The lead up to your “Angel date” and more specifically the throwback to what was your last full week of life is one that has repeatedly been the most painful. The struggle to find balance is a challenge and the recipe that mixes the ingredients of work and home changes from day to day and moment to moment. I tried to be at work today, Will. I thought that being with the kids at school would be the distraction that I needed but it didn’t play out that way. I know that being in the school you loved can be a double-edged sword and though I’ve experienced both sides, for a long time I have found incredible comfort within those walls. Your happy place was my happy place, too, however, finding myself in your hallway and in your classroom and ultimately staring at your locker today sent me into a tailspin that I couldn’t recover from.

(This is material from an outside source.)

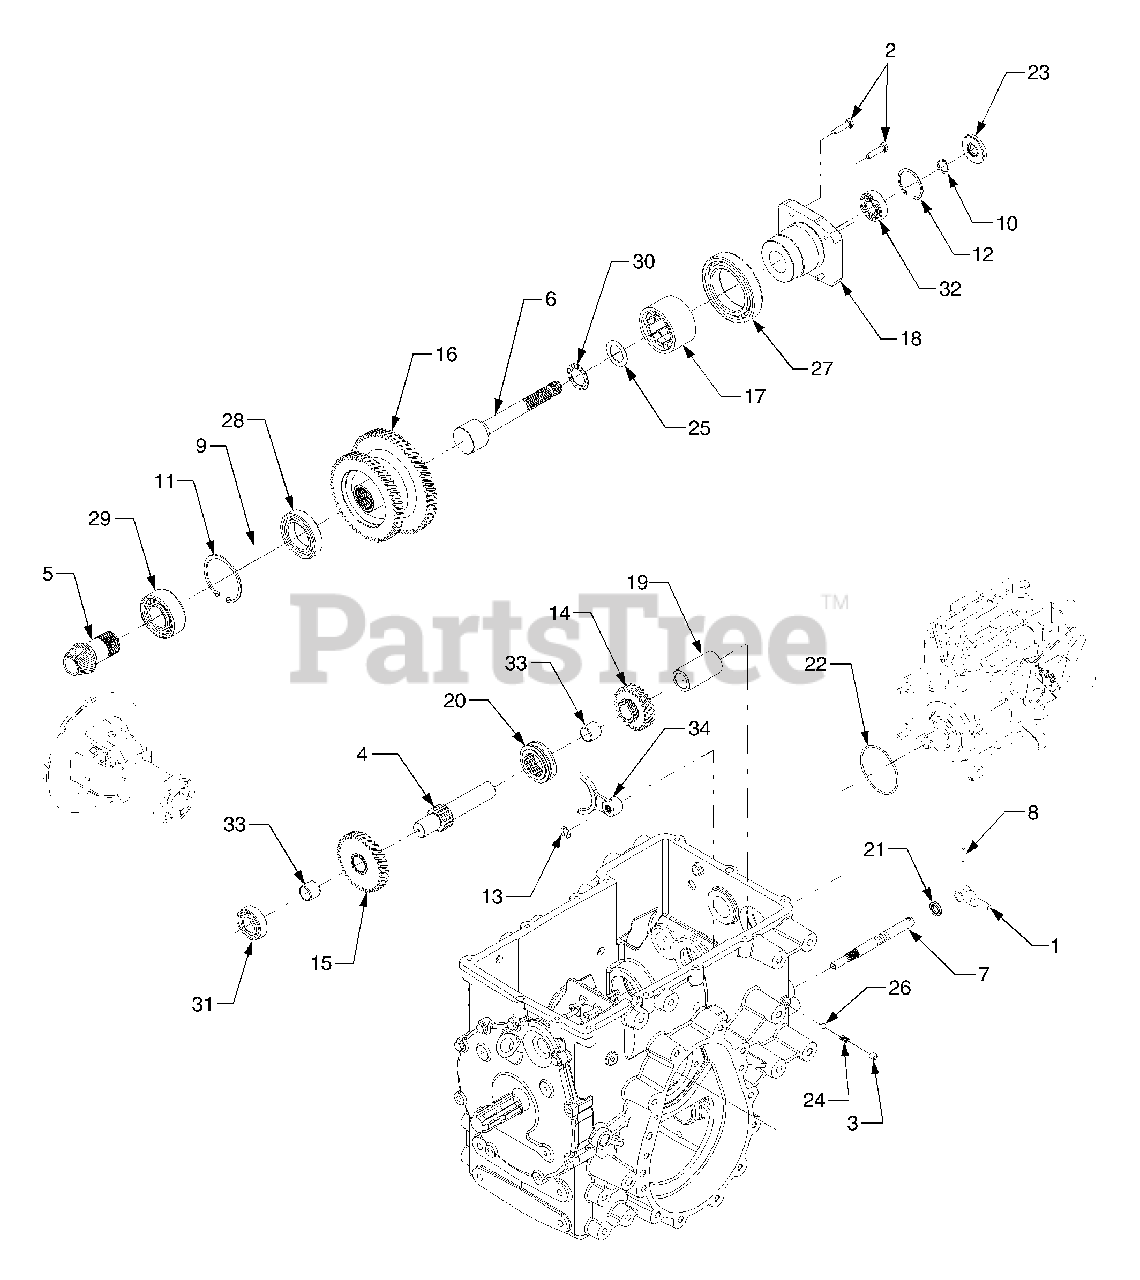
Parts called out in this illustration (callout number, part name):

All of those triggers together today were just too much for me.
In hindsight what I needed today was to be at home inside the memory-laden walls of our home with Dad and our big, brown chocolate lab. As I write Finn is beside me (one could argue he is half on top of me) his head on my lap. I quickly take notice of his chest as it rises up and down rhythmically with each breath. I stop typing concentrating on matching my own breath with his, the steady in and out, inhale and exhale… I close my eyes and caress his warm, velvety ears and my heart begins to feel lighter, the sting of my tears not quite as sting-y. The heaviness of the morning dissipates a little in this moment and I feel grateful to be right where I am. I believe the lesson in these waves of overwhelming grief is to let them happen, to ride them out so to speak. Eventually the tears have to spill; after all a heart can only hold so much pain at one time.

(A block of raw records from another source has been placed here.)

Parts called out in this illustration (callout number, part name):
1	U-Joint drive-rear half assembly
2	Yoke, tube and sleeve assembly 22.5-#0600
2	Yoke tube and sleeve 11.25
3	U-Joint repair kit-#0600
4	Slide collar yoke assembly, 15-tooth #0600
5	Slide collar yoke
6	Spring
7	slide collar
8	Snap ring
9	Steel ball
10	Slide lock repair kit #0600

In the rain/snow mix that is also today (how fitting?) I have found my spot on the couch with a blanket and the warmth of a fire burning in the fireplace. It is here now that I will sink into sleep while I think of you and happier times. I will reminisce about when our world was perfect and my heart didn’t know the heaviness of living without you.

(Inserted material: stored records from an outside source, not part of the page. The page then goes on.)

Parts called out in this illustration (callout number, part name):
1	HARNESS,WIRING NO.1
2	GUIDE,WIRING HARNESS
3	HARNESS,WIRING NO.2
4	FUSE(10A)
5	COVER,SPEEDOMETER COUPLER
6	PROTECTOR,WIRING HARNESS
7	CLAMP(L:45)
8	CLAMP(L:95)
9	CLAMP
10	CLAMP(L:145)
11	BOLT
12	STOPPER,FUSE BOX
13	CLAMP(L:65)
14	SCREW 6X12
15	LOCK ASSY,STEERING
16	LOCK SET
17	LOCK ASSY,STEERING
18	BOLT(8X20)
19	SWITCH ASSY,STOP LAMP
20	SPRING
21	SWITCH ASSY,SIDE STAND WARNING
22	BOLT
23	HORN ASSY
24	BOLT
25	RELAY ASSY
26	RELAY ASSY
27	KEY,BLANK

I love you, Willy. Like a bus. A big, beautiful bus with a heart full of light and brown velvety chocolate lab ears.
One minute you were telling me you were okay, the next minute I couldn’t find you. Oh how the overwhelming feelings just take over. My heart is so heavy for you. Loads of love.
Beautifully written Joni.
… and that’s how grief works. I thought I could shake it off, Mary, and then BAM I was in the middle of it. It’s like a knife in my heart all over again.
Thank you, my forever friend. Don’t know how I could do this without you. ❤️
I agree Joni. A heart can only hold so much….my thoughts (and tears) are with you.
I know you get this, Maaike. So sad. I, too, am holding your heart and sharing your tears.